Social media sites (e.g., Twitter) have been used for surveillance of drug safety at the population level, but studies that focus on the effects of medications on specific sets of individuals have had to rely on other sources of data. Mining social media data for this in-formation would require the ability to distinguish indications of personal medication in-take in this media. Towards that end, this paper presents an annotated corpus that can be used to train machine learning systems to determine whether a tweet that mentions a medication indicates that the individual posting has taken that medication at a specific time.
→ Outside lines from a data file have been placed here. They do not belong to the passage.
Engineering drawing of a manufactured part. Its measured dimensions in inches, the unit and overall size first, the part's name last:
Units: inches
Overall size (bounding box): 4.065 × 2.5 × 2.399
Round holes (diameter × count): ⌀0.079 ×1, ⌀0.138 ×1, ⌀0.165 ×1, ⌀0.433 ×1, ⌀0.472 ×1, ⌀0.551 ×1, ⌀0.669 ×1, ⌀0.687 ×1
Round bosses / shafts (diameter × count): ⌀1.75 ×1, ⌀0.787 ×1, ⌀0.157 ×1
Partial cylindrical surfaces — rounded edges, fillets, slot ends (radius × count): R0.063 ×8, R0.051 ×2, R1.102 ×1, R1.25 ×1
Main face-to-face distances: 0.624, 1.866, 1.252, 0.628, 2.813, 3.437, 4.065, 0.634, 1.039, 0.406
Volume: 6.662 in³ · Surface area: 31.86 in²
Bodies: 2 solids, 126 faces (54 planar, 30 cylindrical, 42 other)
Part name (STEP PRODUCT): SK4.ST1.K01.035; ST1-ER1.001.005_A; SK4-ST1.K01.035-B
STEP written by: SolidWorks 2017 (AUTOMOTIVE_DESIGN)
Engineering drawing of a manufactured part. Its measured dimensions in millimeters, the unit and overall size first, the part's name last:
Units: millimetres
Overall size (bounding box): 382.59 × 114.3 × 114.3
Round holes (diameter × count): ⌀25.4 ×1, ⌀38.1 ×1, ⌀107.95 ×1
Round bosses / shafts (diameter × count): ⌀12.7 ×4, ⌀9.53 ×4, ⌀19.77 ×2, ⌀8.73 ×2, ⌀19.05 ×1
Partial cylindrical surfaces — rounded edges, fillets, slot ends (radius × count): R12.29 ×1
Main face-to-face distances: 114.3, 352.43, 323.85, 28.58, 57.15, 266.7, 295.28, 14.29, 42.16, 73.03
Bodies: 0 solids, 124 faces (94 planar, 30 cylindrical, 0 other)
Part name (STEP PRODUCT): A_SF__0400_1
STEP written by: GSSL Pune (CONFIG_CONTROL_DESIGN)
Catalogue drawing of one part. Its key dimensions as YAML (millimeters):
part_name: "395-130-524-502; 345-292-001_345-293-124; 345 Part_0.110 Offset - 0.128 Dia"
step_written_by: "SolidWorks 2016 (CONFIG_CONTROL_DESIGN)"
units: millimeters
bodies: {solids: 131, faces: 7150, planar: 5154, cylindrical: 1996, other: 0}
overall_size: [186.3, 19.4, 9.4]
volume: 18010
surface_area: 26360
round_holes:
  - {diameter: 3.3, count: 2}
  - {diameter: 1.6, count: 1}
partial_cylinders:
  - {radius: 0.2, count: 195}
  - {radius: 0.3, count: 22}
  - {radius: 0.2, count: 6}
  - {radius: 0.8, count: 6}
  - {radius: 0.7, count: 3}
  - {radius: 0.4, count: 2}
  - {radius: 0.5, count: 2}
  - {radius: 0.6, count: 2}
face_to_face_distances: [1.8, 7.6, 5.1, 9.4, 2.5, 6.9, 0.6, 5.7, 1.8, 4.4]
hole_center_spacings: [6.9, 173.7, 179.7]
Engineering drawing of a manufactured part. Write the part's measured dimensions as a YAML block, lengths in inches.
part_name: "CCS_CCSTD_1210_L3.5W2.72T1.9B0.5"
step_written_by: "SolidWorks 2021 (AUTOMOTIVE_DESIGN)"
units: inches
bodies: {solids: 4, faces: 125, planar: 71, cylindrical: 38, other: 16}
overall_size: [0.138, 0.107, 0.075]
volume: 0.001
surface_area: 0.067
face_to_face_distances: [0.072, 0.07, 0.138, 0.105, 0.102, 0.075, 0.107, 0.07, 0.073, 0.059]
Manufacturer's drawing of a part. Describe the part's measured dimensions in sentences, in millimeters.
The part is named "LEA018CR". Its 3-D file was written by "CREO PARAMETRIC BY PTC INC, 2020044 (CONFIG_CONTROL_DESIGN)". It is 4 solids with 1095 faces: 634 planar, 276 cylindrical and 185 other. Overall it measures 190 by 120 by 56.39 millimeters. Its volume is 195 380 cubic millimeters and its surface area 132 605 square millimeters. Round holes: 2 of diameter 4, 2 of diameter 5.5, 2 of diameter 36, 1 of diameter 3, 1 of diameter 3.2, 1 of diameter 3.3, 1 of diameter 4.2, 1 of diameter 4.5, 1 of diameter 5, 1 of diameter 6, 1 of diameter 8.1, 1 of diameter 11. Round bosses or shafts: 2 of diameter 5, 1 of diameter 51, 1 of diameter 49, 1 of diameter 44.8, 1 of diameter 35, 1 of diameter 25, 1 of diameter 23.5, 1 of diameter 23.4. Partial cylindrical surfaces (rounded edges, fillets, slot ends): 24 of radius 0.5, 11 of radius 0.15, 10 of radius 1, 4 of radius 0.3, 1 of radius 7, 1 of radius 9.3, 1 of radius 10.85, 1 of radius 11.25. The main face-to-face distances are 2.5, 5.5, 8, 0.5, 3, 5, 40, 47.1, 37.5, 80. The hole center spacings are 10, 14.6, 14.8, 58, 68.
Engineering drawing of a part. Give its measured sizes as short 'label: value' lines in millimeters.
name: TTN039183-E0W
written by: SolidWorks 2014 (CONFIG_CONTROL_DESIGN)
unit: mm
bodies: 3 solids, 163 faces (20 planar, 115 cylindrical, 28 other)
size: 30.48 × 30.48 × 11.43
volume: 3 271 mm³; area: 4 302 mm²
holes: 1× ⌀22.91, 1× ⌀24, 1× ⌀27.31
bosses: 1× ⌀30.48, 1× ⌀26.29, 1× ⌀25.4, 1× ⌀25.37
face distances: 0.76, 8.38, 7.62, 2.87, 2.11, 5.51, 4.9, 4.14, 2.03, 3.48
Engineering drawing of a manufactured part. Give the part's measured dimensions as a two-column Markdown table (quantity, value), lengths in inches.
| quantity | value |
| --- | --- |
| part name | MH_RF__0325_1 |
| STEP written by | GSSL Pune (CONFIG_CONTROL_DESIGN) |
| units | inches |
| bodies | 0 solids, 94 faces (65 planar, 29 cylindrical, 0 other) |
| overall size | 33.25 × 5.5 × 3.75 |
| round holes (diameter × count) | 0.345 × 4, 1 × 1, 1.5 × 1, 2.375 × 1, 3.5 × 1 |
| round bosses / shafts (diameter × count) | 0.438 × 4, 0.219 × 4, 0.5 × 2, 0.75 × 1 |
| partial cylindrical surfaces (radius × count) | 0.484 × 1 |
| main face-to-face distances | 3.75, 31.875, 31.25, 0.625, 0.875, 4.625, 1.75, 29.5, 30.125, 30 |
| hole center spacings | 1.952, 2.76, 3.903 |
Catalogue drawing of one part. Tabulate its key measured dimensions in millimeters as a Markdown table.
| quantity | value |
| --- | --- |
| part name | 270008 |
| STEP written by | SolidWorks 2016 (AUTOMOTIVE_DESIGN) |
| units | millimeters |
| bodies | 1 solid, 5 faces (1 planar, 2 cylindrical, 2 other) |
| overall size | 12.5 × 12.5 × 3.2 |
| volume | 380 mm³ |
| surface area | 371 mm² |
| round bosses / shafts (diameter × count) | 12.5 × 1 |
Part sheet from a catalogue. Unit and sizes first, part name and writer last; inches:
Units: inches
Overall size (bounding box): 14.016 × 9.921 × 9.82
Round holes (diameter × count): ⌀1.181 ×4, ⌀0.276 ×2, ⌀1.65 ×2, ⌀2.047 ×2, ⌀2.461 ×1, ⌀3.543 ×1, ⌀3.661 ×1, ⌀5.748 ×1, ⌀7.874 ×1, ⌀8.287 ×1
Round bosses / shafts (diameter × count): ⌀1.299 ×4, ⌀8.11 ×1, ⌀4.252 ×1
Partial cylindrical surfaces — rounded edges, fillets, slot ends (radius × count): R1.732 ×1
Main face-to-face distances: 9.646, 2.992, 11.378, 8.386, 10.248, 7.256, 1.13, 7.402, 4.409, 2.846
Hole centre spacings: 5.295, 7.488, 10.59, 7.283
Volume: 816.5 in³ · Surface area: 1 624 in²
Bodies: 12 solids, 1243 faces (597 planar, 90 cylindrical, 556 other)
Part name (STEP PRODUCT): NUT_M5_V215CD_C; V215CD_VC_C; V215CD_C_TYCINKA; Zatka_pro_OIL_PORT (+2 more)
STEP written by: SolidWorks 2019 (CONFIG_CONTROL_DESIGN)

To demonstrate the utility of the corpus as a training set, we present baseline results of supervised classification.
在Twitter中检测个人药物摄入:一个标注语料库和基线分类系统
社交媒体网站(如Twitter)已被用于监测人口层面的药物安全性,但关注药物对特定人群的影响的研究不得不依赖其他数据来源。从社交媒体数据中挖掘这些信息需要有能力区分这种媒体中个人用药的适应症。为此,本文提出了一个带注释的语料库,可用于训练机器学习系统,以确定一条提到药物的推文是否表明个人在特定时间服用了该药物。为了展示语料库作为训练集的效用,我们给出了监督分类的基线结果。
本文章由计算机程序翻译,如有差异,请以英文原文为准。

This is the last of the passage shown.